* Extracted data entries
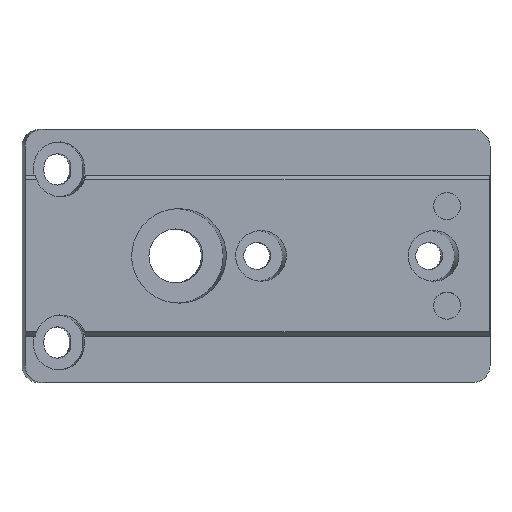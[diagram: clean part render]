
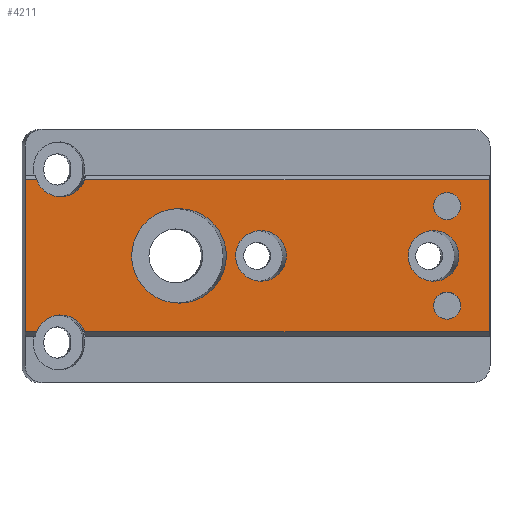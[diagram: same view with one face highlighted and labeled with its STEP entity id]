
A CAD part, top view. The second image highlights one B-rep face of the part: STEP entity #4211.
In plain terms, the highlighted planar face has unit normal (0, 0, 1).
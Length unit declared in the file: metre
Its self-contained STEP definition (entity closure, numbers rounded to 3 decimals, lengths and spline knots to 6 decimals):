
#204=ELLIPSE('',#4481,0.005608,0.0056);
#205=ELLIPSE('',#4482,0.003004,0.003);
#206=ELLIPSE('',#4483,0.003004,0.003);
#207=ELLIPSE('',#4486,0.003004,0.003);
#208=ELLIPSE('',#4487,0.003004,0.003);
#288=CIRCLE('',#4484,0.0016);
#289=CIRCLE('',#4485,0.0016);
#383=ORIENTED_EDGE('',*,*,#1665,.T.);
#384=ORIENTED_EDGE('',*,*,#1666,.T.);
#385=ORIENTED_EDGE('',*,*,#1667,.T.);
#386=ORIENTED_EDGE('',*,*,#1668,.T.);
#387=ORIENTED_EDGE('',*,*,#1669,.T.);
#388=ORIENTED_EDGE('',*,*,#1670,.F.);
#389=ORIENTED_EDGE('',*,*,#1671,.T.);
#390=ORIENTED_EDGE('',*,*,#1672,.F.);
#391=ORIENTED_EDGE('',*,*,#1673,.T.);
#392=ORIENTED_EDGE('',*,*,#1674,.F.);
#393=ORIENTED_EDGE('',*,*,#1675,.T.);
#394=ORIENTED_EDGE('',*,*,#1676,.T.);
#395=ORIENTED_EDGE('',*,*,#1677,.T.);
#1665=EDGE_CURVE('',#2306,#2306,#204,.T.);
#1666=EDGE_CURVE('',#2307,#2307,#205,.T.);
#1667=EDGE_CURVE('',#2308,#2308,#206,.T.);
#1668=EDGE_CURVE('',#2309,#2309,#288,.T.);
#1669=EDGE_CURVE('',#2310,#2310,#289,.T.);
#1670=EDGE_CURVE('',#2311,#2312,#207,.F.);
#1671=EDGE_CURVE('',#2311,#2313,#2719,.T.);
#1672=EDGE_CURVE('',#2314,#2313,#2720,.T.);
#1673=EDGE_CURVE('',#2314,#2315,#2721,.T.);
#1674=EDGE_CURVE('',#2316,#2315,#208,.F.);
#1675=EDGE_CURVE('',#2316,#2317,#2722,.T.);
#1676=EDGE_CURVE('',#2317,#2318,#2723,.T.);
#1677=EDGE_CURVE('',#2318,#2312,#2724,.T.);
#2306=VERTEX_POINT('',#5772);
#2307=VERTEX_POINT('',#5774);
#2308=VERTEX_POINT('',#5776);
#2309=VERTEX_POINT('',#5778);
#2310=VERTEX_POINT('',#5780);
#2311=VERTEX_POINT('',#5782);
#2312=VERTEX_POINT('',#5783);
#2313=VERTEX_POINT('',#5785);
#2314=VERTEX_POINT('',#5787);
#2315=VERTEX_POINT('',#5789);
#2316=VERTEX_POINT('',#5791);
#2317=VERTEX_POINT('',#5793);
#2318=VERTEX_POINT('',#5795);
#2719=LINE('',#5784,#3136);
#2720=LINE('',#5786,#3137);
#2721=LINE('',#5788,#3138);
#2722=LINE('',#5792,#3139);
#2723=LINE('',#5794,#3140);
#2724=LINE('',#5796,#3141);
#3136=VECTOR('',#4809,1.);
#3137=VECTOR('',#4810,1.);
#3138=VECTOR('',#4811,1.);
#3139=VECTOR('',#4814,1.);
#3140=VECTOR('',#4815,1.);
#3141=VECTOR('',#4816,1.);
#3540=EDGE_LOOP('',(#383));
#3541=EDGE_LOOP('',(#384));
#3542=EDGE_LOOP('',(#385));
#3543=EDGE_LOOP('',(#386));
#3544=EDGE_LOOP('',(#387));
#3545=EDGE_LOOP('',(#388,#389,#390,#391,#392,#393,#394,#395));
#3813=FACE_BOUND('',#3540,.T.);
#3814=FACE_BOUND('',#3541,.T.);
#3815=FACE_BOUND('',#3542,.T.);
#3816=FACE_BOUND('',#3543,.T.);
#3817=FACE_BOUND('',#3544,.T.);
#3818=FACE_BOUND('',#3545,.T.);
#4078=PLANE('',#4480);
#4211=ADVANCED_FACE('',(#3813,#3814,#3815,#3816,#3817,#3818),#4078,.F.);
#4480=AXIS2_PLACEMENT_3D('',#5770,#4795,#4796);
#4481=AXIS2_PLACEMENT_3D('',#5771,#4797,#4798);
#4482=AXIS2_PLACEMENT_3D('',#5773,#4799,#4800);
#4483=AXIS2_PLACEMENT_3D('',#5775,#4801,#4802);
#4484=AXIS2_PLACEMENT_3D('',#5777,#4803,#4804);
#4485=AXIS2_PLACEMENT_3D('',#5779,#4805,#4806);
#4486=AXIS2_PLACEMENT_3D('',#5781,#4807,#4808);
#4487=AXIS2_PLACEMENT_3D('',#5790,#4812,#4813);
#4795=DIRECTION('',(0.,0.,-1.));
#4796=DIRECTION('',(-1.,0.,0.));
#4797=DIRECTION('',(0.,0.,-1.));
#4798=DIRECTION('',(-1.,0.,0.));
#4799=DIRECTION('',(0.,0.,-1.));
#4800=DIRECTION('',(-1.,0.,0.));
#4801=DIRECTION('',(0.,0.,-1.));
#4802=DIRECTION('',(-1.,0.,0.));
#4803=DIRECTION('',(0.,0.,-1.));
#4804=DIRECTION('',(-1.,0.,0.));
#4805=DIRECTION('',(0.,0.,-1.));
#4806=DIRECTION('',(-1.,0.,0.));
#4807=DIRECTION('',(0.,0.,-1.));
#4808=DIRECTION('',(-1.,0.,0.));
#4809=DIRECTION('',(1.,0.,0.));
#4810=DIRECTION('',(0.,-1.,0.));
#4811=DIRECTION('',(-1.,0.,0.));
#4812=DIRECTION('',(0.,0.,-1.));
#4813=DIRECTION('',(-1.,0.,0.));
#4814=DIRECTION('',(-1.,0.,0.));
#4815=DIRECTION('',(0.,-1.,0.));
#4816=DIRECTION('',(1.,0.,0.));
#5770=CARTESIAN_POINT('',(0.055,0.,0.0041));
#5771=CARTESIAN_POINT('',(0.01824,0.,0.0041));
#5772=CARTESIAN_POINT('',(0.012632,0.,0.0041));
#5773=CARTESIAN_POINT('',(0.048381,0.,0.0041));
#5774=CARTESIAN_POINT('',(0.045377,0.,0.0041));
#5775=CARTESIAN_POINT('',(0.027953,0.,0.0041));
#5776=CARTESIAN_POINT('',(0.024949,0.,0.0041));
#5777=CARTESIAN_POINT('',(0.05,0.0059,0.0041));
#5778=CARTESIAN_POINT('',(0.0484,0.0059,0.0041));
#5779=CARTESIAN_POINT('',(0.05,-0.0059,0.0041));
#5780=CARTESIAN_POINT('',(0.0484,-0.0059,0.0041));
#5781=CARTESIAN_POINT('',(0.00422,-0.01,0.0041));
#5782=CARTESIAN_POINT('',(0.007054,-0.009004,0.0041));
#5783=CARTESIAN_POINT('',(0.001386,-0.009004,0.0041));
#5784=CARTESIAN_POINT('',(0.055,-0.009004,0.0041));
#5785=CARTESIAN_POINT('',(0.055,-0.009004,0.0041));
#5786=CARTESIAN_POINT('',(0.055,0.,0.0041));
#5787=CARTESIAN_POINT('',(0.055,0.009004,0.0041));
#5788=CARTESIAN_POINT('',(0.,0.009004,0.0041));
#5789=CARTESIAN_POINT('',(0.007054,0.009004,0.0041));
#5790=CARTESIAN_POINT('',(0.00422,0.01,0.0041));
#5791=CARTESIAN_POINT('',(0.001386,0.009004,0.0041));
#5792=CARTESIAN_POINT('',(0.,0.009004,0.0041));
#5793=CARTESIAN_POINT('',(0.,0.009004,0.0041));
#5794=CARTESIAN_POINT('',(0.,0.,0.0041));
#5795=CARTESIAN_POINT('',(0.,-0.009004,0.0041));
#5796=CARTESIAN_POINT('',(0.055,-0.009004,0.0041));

* Task description
Exactly the lines from the start of the entries above through the line with "#394=ORIENTED_EDGE('',*,*,#1676,.T.);" should be reproduced, and nothing else; drop the pictures.

* Written reply
[diagram: clean part render]
[diagram: same view with one face highlighted and labeled with its STEP entity id]
A CAD part, top view. The second image highlights one B-rep face of the part: STEP entity #4211.
In plain terms, the highlighted planar face has unit normal (0, 0, 1).
Length unit declared in the file: metre
Its self-contained STEP definition (entity closure, numbers rounded to 3 decimals, lengths and spline knots to 6 decimals):
#204=ELLIPSE('',#4481,0.005608,0.0056);
#205=ELLIPSE('',#4482,0.003004,0.003);
#206=ELLIPSE('',#4483,0.003004,0.003);
#207=ELLIPSE('',#4486,0.003004,0.003);
#208=ELLIPSE('',#4487,0.003004,0.003);
#288=CIRCLE('',#4484,0.0016);
#289=CIRCLE('',#4485,0.0016);
#383=ORIENTED_EDGE('',*,*,#1665,.T.);
#384=ORIENTED_EDGE('',*,*,#1666,.T.);
#385=ORIENTED_EDGE('',*,*,#1667,.T.);
#386=ORIENTED_EDGE('',*,*,#1668,.T.);
#387=ORIENTED_EDGE('',*,*,#1669,.T.);
#388=ORIENTED_EDGE('',*,*,#1670,.F.);
#389=ORIENTED_EDGE('',*,*,#1671,.T.);
#390=ORIENTED_EDGE('',*,*,#1672,.F.);
#391=ORIENTED_EDGE('',*,*,#1673,.T.);
#392=ORIENTED_EDGE('',*,*,#1674,.F.);
#393=ORIENTED_EDGE('',*,*,#1675,.T.);
#394=ORIENTED_EDGE('',*,*,#1676,.T.);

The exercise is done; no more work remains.